What to work on:
Leaving out the images, please reproduce each line below exactly.

Data to use:
_____

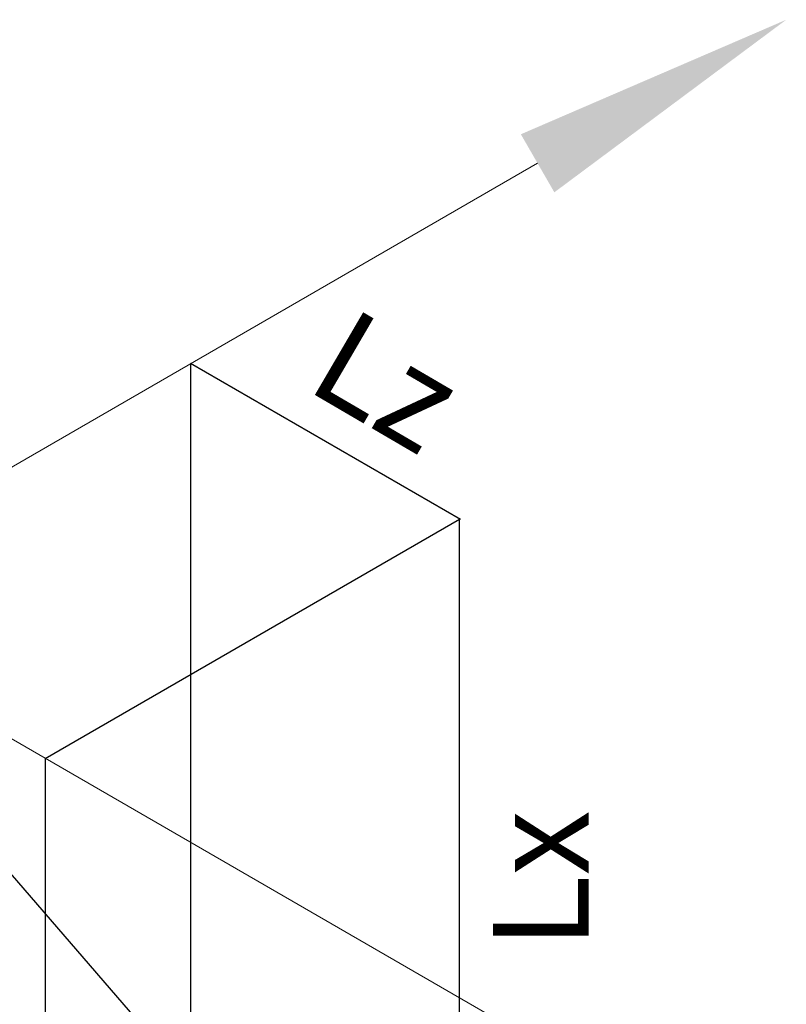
# Model space of a CAD drawing. Header units: millimetres. Extents: x -8713 to 3261, y -18743 to -8704.
# Tile 131 of 133: x 3171 to 3192, y -18304 to -18276. Entities that reach past the tile are written whole.
import ezdxf
from ezdxf.enums import TextEntityAlignment as Align

# ---------------------------------------------------------------- set-up
doc = ezdxf.new("R2010")
doc.units = ezdxf.units.MM
doc.header["$LTSCALE"] = 10
for name, color, linetype, lineweight in [('1轮廓实线层', 7, 'Continuous', 18), ('6文字层', 3, 'Continuous', 13), ('7标注层', 4, 'Continuous', 13)]:
    doc.layers.add(name, color=color, linetype=linetype, lineweight=lineweight)

msp = doc.modelspace()

# ---------------------------------------------------------------- linework, layer by layer
for p, q in [((3175.589, -18286.033), (3175.589, -18306.283)), ((3175.595, -18286.027), (3183.204, -18290.428)), ((3171.489, -18297.178), (3183.18, -18290.428)), ((3183.172, -18290.433), (3183.172, -18310.683)), ((3163.904, -18292.789), (3175.595, -18306.289)), ((3171.489, -18297.178), (3171.489, -18317.428))]:
    msp.add_line(p, q)
at = {"layer": '1轮廓实线层'}
for q in [(3185.382, -18280.389), (3185.382, -18305.19)]:
    msp.add_line((3163.904, -18292.789), q, dxfattribs=at)
at = {"layer": '7标注层'}
msp.add_solid([(3185.855, -18281.207), (3184.91, -18279.57), (3192.397, -18276.339)], dxfattribs=at)

# ---------------------------------------------------------------- texts
at = {"layer": '6文字层'}
msp.add_text('Lz', height=2.7, rotation=329.6877, dxfattribs=at).set_placement((3180.082, -18288.433), align=Align.BOTTOM_CENTER)
msp.add_text('Lx', height=2.7, rotation=90, dxfattribs=at).set_placement((3184.12, -18300.558), align=Align.TOP_CENTER)

doc.saveas('drawing.dxf')

_____

Task result:
# Model space of a CAD drawing. Header units: millimetres. Extents: x -8713 to 3261, y -18743 to -8704.
# Tile 131 of 133: x 3171 to 3192, y -18304 to -18276. Entities that reach past the tile are written whole.
import ezdxf
from ezdxf.enums import TextEntityAlignment as Align

# ---------------------------------------------------------------- set-up
doc = ezdxf.new("R2010")
doc.units = ezdxf.units.MM
doc.header["$LTSCALE"] = 10
for name, color, linetype, lineweight in [('1轮廓实线层', 7, 'Continuous', 18), ('6文字层', 3, 'Continuous', 13), ('7标注层', 4, 'Continuous', 13)]:
    doc.layers.add(name, color=color, linetype=linetype, lineweight=lineweight)

msp = doc.modelspace()

# ---------------------------------------------------------------- linework, layer by layer
for p, q in [((3175.589, -18286.033), (3175.589, -18306.283)), ((3175.595, -18286.027), (3183.204, -18290.428)), ((3171.489, -18297.178), (3183.18, -18290.428)), ((3183.172, -18290.433), (3183.172, -18310.683)), ((3163.904, -18292.789), (3175.595, -18306.289)), ((3171.489, -18297.178), (3171.489, -18317.428))]:
    msp.add_line(p, q)
at = {"layer": '1轮廓实线层'}
for q in [(3185.382, -18280.389), (3185.382, -18305.19)]:
    msp.add_line((3163.904, -18292.789), q, dxfattribs=at)
at = {"layer": '7标注层'}
msp.add_solid([(3185.855, -18281.207), (3184.91, -18279.57), (3192.397, -18276.339)], dxfattribs=at)

# ---------------------------------------------------------------- texts
at = {"layer": '6文字层'}
msp.add_text('Lz', height=2.7, rotation=329.6877, dxfattribs=at).set_placement((3180.082, -18288.433), align=Align.BOTTOM_CENTER)
msp.add_text('Lx', height=2.7, rotation=90, dxfattribs=at).set_placement((3184.12, -18300.558), align=Align.TOP_CENTER)

doc.saveas('drawing.dxf')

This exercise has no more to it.